THE SIDNEY ARGUS - HERALD
Sidney, Fremont Co., Iowa
January 10, 1935
War Reminiscences of Imogene Veteran
F. M. Straight is an interesting and respected citizen of Imogene, the only civil war veteran left in that town. He recently passed his 90th birthday which was commemorated by a birthday dinner at the home of his daughter, Mrs. C. B. Abbott. Mr. Straight is living a quiet life and growing old gracefully. Young and old are glad to meet him in his daily walks about the little town. His temperate and wholesome living is giving its reward in a serene old age. At 17 years and 20 days of age Mr. Straight enlisted at St. Louis in Company E, 23rd Missouri Infantry and army preparations were made there. In April, 1862, he with his company boarded a river steamboat bound for Pittssburg Landing, Tennessee, where Grant's concentration forces were preparing to engage the confederate forces at Corinth, and as he says:
"We marched out to conflict.
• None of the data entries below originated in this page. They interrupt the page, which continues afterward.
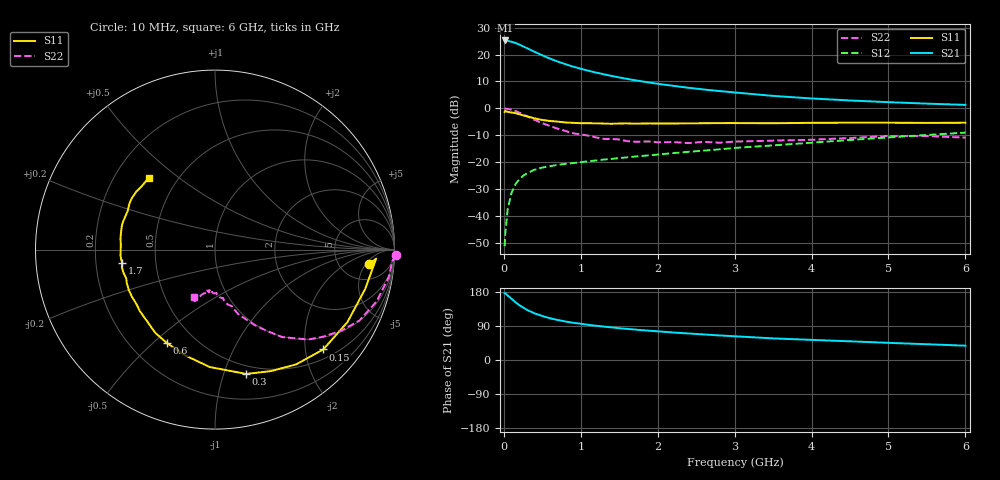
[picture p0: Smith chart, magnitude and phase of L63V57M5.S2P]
!  INFINEON TECHNOLOGIES Small Signal Semiconductors
! BFR380L3 , Si-NPN RF-Transistor in TSLP-3-1
!  Vce=3.5 V,  Ic=7.5 mA
! Common Emitter S-Parameters:  07. March 2005
#  GHz  S  MA  R  50
! f  S11  S21  S12  S22
! GHz  Mag  Ang  Mag  Ang  Mag  Ang  Mag  Ang
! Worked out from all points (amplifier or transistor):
!   36 points, 10 MHz to 6 GHz, reference 50 ohm
!   highest |S21| = 25.2 dB at 20 MHz (marker M1)
!   |S21| within 3 dB of that: start of sweep to 309.7 MHz
!   unconditionally stable (mu >= 1): 2.347 GHz to 4.69 GHz
!   at 250 MHz: K = 0.21, MSG = 24.0 dB, |S12| = -25.0 dB
!   at 1.4 GHz: K = 0.82, MSG = 15.4 dB, |S12| = -18.7 dB
!   at 6 GHz: K = 0.95, MSG = 5.1 dB, |S12| = -9.0 dB
!   S11 on the Smith chart (normalised r, x): 10 MHz: 10, -6; 150 MHz: 0.70, -2.38; 300 MHz: 0.42, -1.19; 600 MHz: 0.35, -0.56; 1.7 GHz: 0.32, -0.07; 6 GHz: 0.35, +0.39
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0.01  0.8605 -5.4  18.16 176.2  0.0028 81.0  1.009 -1.8
0.02  0.8991 -3.2  18.23 176.3  0.005 93.3  0.989 -3.8
0.05  0.865 -14.7  17.89 170.3  0.0136 84.6  0.9807 -9.1
0.1  0.8413 -28.7  17.2 161.4  0.0272 77.5  0.9455 -17.8
0.15  0.8206 -42.7  16.39 152.6  0.0391 68.9  0.8971 -26.1
0.2  0.7831 -54.8  15.3 144.9  0.0488 64.6  0.8389 -32.4
0.25  0.7452 -65.3  14.2 138.5  0.0562 59.2  0.7745 -38.8
0.3  0.7142 -75.9  13.1 132.4  0.0632 55.9  0.7213 -44.0
0.4  0.6549 -92.6  11.22 123.0  0.0733 50.6  0.6144 -52.5
0.5  0.6121 -105.9  9.658 116.0  0.0802 48.0  0.5337 -57.7
0.6  0.5858 -117.1  8.385 110.1  0.0851 46.0  0.4726 -62.5
0.7  0.5708 -125.7  7.414 105.6  0.09 45.4  0.4223 -66.3
0.8  0.5494 -133.8  6.63 101.6  0.0938 44.9  0.3828 -70.1
1.1  0.5322 -150.5  5 92.7  0.1053 46.2  0.3134 -77.0
1.4  0.52 -162.2  4.004 86.1  0.1162 47.8  0.2724 -82.0
1.7  0.5225 -171.7  3.343 80.5  0.1282 50.2  0.2421 -88.0
2.2  0.5255 177.1  2.629 72.6  0.1486 53.4  0.2382 -93.4
2.8  0.5354 166.1  2.104 64.9  0.1746 56.8  0.2318 -101.0
3.5  0.5321 156.1  1.71 57.0  0.2067 58.1  0.2537 -104.8
4.5  0.545 148.2  1.406 49.3  0.2606 60.3  0.2831 -108.8
5.5  0.5398 138.7  1.229 41.6  0.3224 59.4  0.3074 -112.4
6  0.5444 132.8  1.164 37.8  0.3567 58.1  0.2884 -114.2

After the battle we returned home with decimated ranks to recruit our forces. We left St. Louis again for Bowling
Green, Kentucky, and marched through the eastern part of that state to western Tennessee, stopped to guard some cotton factories for a time, thence to Chattanooga where we had placed in our charge a drove of beef cattle which we were to guard through to Sherman's army on the Chattahootche river. We got through safely with the cattle and found Sherman's army resting temporrarily.
"About June 20, we crossed the Chattahooche river on pontoons and had action with the confederates on the opposite side. Our enemies fell back to Atlanta, a mile distant, our army following up. Atlanta was a fortified stronghold. Our coprs was ordered out to take the confederate railroad at Jonesboro, Georgia, a task which we accomplished. It was the only railroad the confederates had, so with it out of their control they evacuated Atlanta, Then came the march through Georgia. My birthday fell on Novermber 10 during this march, and the election of Lincoln took place in that month. Our troops took Savannah by storm.
"On New Year's day, 1865, we boarded a ship for New York City, wearing our old, dirty, wornout uniforms. Snow fell prior to our landing and it was cold. The snow was deep. From New York to St. Louis we went by rail in citizens' clothes procured in New York.
"My life was uneventful up to 1900 except that we labored hard, had eleven children in our family, and made but little money. In 1900 I was fortunate in a farming venture and my finances improved."
Mr. Straight lived at New Market, in Council Bluffs four years, was in California for six or seven years, and the past seven years he has lived at Imogene.